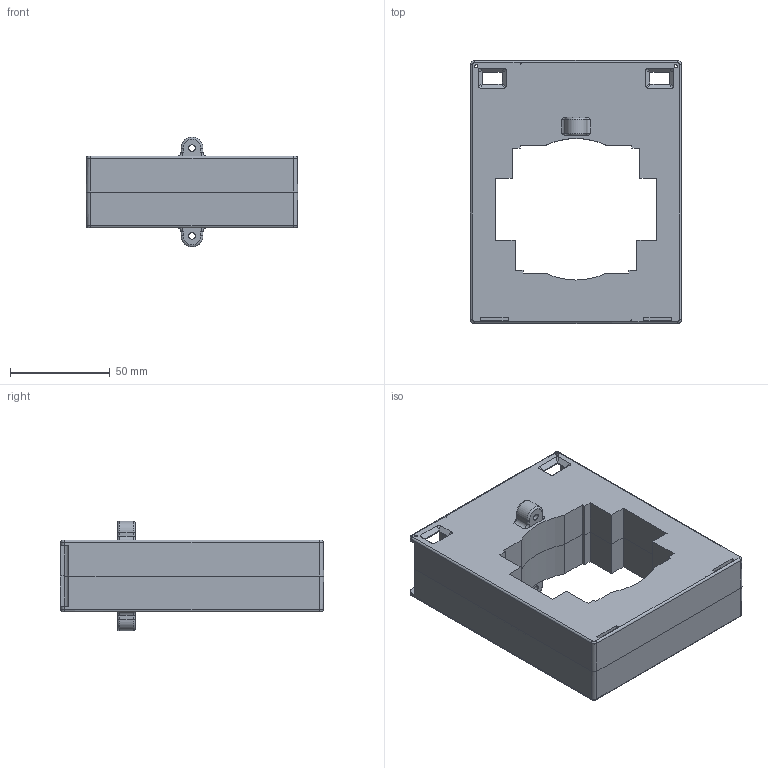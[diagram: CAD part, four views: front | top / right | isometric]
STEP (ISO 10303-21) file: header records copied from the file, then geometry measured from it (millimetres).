
FILE_DESCRIPTION(/* description */ (''),/* implementation_level */ '2;1');
FILE_NAME(/* name */ 'PS80.stp',/* time_stamp */ '2025-11-04T13:57:40+08:00',/* author */ (''),/* organization */ (''),/* preprocessor_version */ 'ST-DEVELOPER v18.102',/* originating_system */ 'SIEMENS PLM Software NX2206.1700',/* authorisation */ '');
FILE_SCHEMA (('AUTOMOTIVE_DESIGN { 1 0 10303 214 3 1 1 1 }'));
Length unit declared in the file: millimetre
Products named in the file (1): PS80_objects
Bounding box: 106 x 132 x 55 mm (x, y, z)
Volume: 96014.8 mm3; surface area: 93438.9 mm2
Topology: 2 solids, 2 shells, 576 faces, 1654 edges, 1088 vertices
Faces by surface type: plane 464, cylinder 74, torus 22, bspline 16
Full cylindrical faces by diameter (mm): 1.5 x4, 1.7 x4, 3.3 x2, 4.2 x2
Entity records: 19599 total; most frequent: CARTESIAN_POINT 4760, ORIENTED_EDGE 3244, DIRECTION 2698, EDGE_CURVE 1622, LINE 1322, VECTOR 1322, VERTEX_POINT 1084, AXIS2_PLACEMENT_3D 688
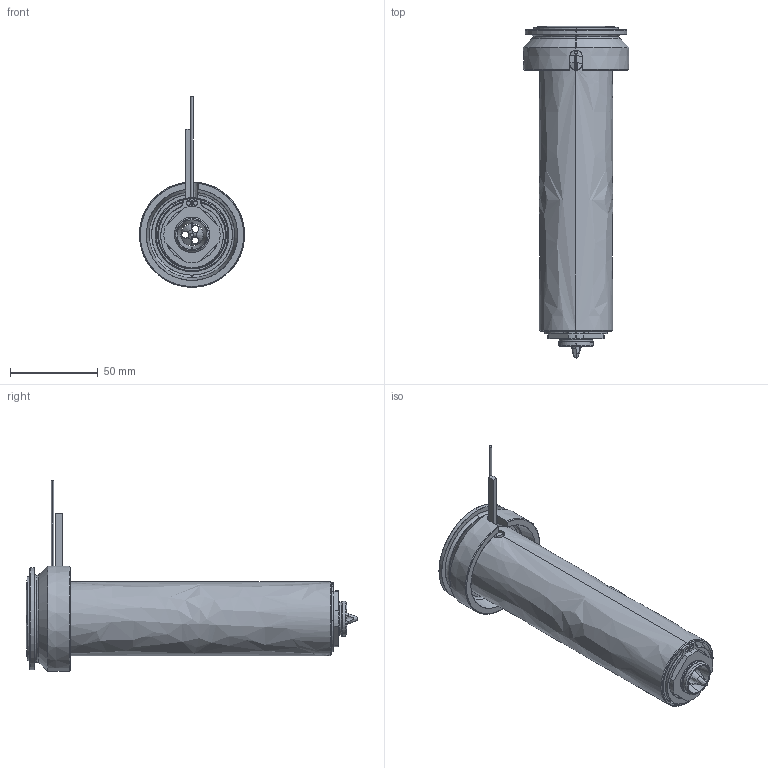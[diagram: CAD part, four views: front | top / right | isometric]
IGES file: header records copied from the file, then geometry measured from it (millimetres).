
Start section: SolidWorks IGES file using analytic representation for surfaces
Global section: file name: C:\Documents and Settings\ws-20\Desktop\TEM\UGEP6007-M-A-0 [Øf-1.9 ØC-16].IGS; native system: SolidWorks 2012; preprocessor: SolidWorks 2012; author: ws-20; date: 120427.094146; units: millimetre
Bounding box: 60 x 189.05 x 108.65 mm (x, y, z)
Surface area: 89185.6 mm2 (no closed solid volume)
Topology: 0 solids, 0 shells, 128 faces, 2507 edges, 2507 vertices
Faces by surface type: revolution 81, bspline 47
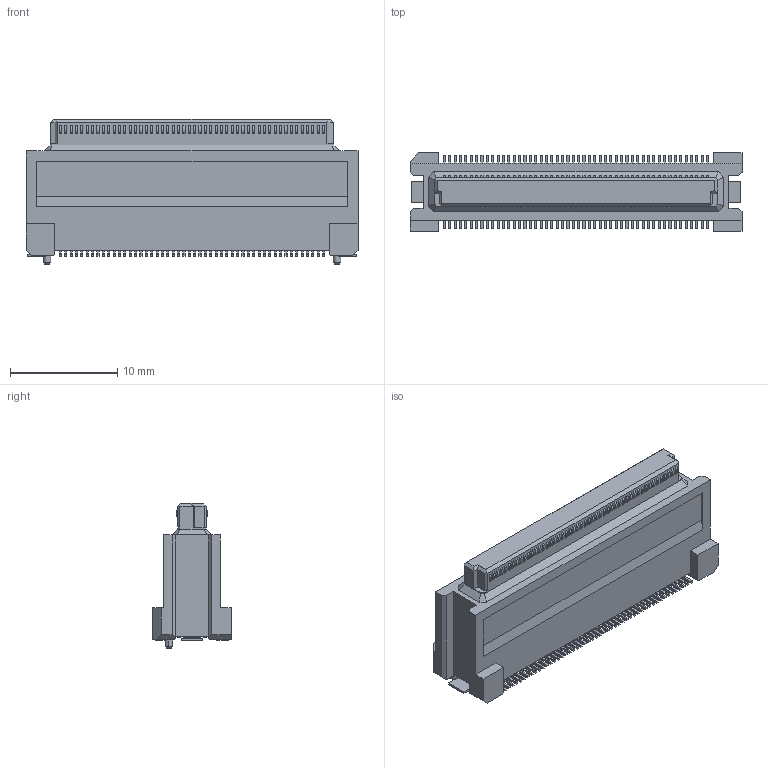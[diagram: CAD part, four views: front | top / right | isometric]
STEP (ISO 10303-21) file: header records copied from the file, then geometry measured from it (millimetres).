
FILE_DESCRIPTION(('Creo Elements/Direct Modeling STEP Export'),'2;1');
FILE_NAME('DY11-100FS-4.stp','2017-11-27T16:34:42',(''),(''),'Creo Elements/Direct Modeling STEP processor for AP214 (Solid Model)','Creo Elements/Direct Modeling 19.0F 14-Feb-2017 (C) Parametric Technology GmbH','');
FILE_SCHEMA(('AUTOMOTIVE_DESIGN { 1 0 10303 214 1 1 1 1 }'));
Length unit declared in the file: millimetre
Products named in the file (2): DY11-100FS-4
Assembly tree (1 placements, depth 2):
  DY11-100FS-4
    DY11-100FS-4
Bounding box: 30.9 x 7.3 x 13.5 mm (x, y, z)
Volume: 1577.3 mm3; surface area: 1436.6 mm2
Topology: 1 solids, 1 shells, 1460 faces, 4013 edges, 2662 vertices
Faces by surface type: plane 1038, cylinder 410, bspline 8, cone 4
Entity records: 46403 total; most frequent: CARTESIAN_POINT 9240, ORIENTED_EDGE 8026, DIRECTION 7311, EDGE_CURVE 4013, VECTOR 3165, LINE 3165, VERTEX_POINT 2662, AXIS2_PLACEMENT_3D 2073
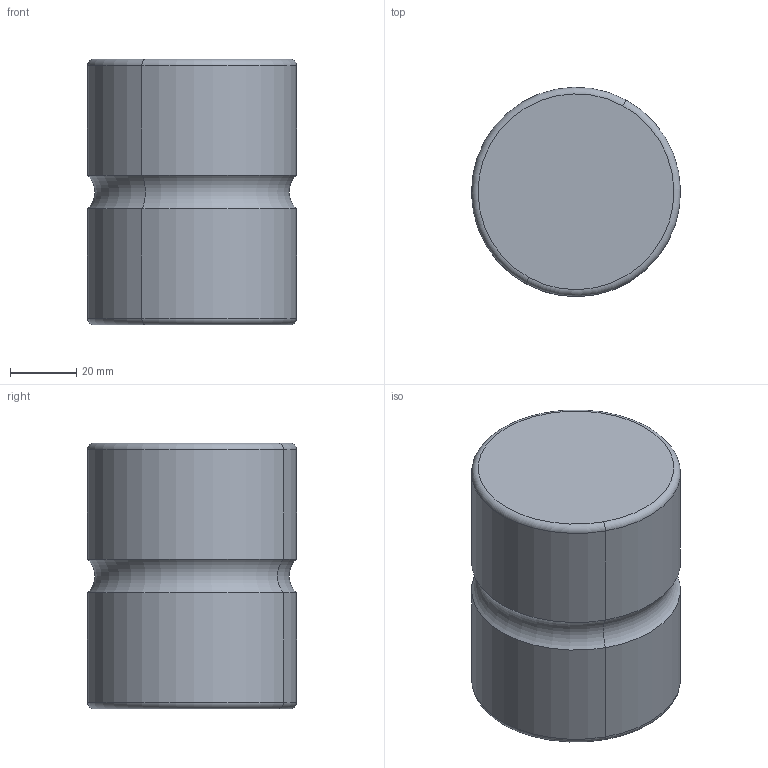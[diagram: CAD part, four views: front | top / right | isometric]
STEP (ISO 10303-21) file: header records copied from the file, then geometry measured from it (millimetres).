
FILE_DESCRIPTION(('CATIA V5 STEP Exchange'),'2;1');
FILE_NAME('C:\Users\d.catalano\Desktop\CATALOGO CAD\04 MOLLE\A519\A519-63.stp','2021-11-26T14:59:55+00:00',('none'),('none'),'CATIA Version 5 Release 19 SP 3 (IN-10)','CATIA V5 STEP AP203','none');
FILE_SCHEMA(('CONFIG_CONTROL_DESIGN'));
Length unit declared in the file: millimetre
Products named in the file (1): A519-63
Bounding box: 62.98 x 62.98 x 80 mm (x, y, z)
Volume: 246066 mm3; surface area: 21862.8 mm2
Topology: 1 solids, 1 shells, 12 faces, 22 edges, 12 vertices
Faces by surface type: torus 6, cylinder 4, plane 2
Entity records: 294 total; most frequent: ORIENTED_EDGE 44, CARTESIAN_POINT 41, DIRECTION 34, AXIS2_PLACEMENT_3D 25, EDGE_CURVE 22, CIRCLE 18, ADVANCED_FACE 12, EDGE_LOOP 12

TASK TO CARRY OUT: In your answer, set down the full listing word for word and include no pictures.

TASK RESULT:
[diagram: CAD part, four views: front | top / right | isometric]
STEP (ISO 10303-21) file: header records copied from the file, then geometry measured from it (millimetres).
FILE_DESCRIPTION(/* description */ (''),/* implementation_level */ '2;1');
FILE_NAME(/* name */ 'PS80.stp',/* time_stamp */ '2025-11-04T13:57:40+08:00',/* author */ (''),/* organization */ (''),/* preprocessor_version */ 'ST-DEVELOPER v18.102',/* originating_system */ 'SIEMENS PLM Software NX2206.1700',/* authorisation */ '');
FILE_SCHEMA (('AUTOMOTIVE_DESIGN { 1 0 10303 214 3 1 1 1 }'));
Length unit declared in the file: millimetre
Products named in the file (1): PS80_objects
Bounding box: 106 x 132 x 55 mm (x, y, z)
Volume: 96014.8 mm3; surface area: 93438.9 mm2
Topology: 2 solids, 2 shells, 576 faces, 1654 edges, 1088 vertices
Faces by surface type: plane 464, cylinder 74, torus 22, bspline 16
Full cylindrical faces by diameter (mm): 1.5 x4, 1.7 x4, 3.3 x2, 4.2 x2
Entity records: 19599 total; most frequent: CARTESIAN_POINT 4760, ORIENTED_EDGE 3244, DIRECTION 2698, EDGE_CURVE 1622, LINE 1322, VECTOR 1322, VERTEX_POINT 1084, AXIS2_PLACEMENT_3D 688
[diagram: CAD part, four views: front | top / right | isometric]
IGES file: header records copied from the file, then geometry measured from it (millimetres).
Start section: SolidWorks IGES file using analytic representation for surfaces
Global section: file name: C:\Documents and Settings\ws-20\Desktop\TEM\UGEP6007-M-A-0 [Øf-1.9 ØC-16].IGS; native system: SolidWorks 2012; preprocessor: SolidWorks 2012; author: ws-20; date: 120427.094146; units: millimetre
Bounding box: 60 x 189.05 x 108.65 mm (x, y, z)
Surface area: 89185.6 mm2 (no closed solid volume)
Topology: 0 solids, 0 shells, 128 faces, 2507 edges, 2507 vertices
Faces by surface type: revolution 81, bspline 47
[diagram: CAD part, four views: front | top / right | isometric]
STEP (ISO 10303-21) file: header records copied from the file, then geometry measured from it (millimetres).
FILE_DESCRIPTION(('Creo Elements/Direct Modeling STEP Export'),'2;1');
FILE_NAME('DY11-100FS-4.stp','2017-11-27T16:34:42',(''),(''),'Creo Elements/Direct Modeling STEP processor for AP214 (Solid Model)','Creo Elements/Direct Modeling 19.0F 14-Feb-2017 (C) Parametric Technology GmbH','');
FILE_SCHEMA(('AUTOMOTIVE_DESIGN { 1 0 10303 214 1 1 1 1 }'));
Length unit declared in the file: millimetre
Products named in the file (2): DY11-100FS-4
Assembly tree (1 placements, depth 2):
  DY11-100FS-4
    DY11-100FS-4
Bounding box: 30.9 x 7.3 x 13.5 mm (x, y, z)
Volume: 1577.3 mm3; surface area: 1436.6 mm2
Topology: 1 solids, 1 shells, 1460 faces, 4013 edges, 2662 vertices
Faces by surface type: plane 1038, cylinder 410, bspline 8, cone 4
Entity records: 46403 total; most frequent: CARTESIAN_POINT 9240, ORIENTED_EDGE 8026, DIRECTION 7311, EDGE_CURVE 4013, VECTOR 3165, LINE 3165, VERTEX_POINT 2662, AXIS2_PLACEMENT_3D 2073
[diagram: CAD part, four views: front | top / right | isometric]
STEP (ISO 10303-21) file: header records copied from the file, then geometry measured from it (millimetres).
FILE_DESCRIPTION(('CATIA V5 STEP Exchange'),'2;1');
FILE_NAME('C:\Users\d.catalano\Desktop\CATALOGO CAD\04 MOLLE\A519\A519-63.stp','2021-11-26T14:59:55+00:00',('none'),('none'),'CATIA Version 5 Release 19 SP 3 (IN-10)','CATIA V5 STEP AP203','none');
FILE_SCHEMA(('CONFIG_CONTROL_DESIGN'));
Length unit declared in the file: millimetre
Products named in the file (1): A519-63
Bounding box: 62.98 x 62.98 x 80 mm (x, y, z)
Volume: 246066 mm3; surface area: 21862.8 mm2
Topology: 1 solids, 1 shells, 12 faces, 22 edges, 12 vertices
Faces by surface type: torus 6, cylinder 4, plane 2
Entity records: 294 total; most frequent: ORIENTED_EDGE 44, CARTESIAN_POINT 41, DIRECTION 34, AXIS2_PLACEMENT_3D 25, EDGE_CURVE 22, CIRCLE 18, ADVANCED_FACE 12, EDGE_LOOP 12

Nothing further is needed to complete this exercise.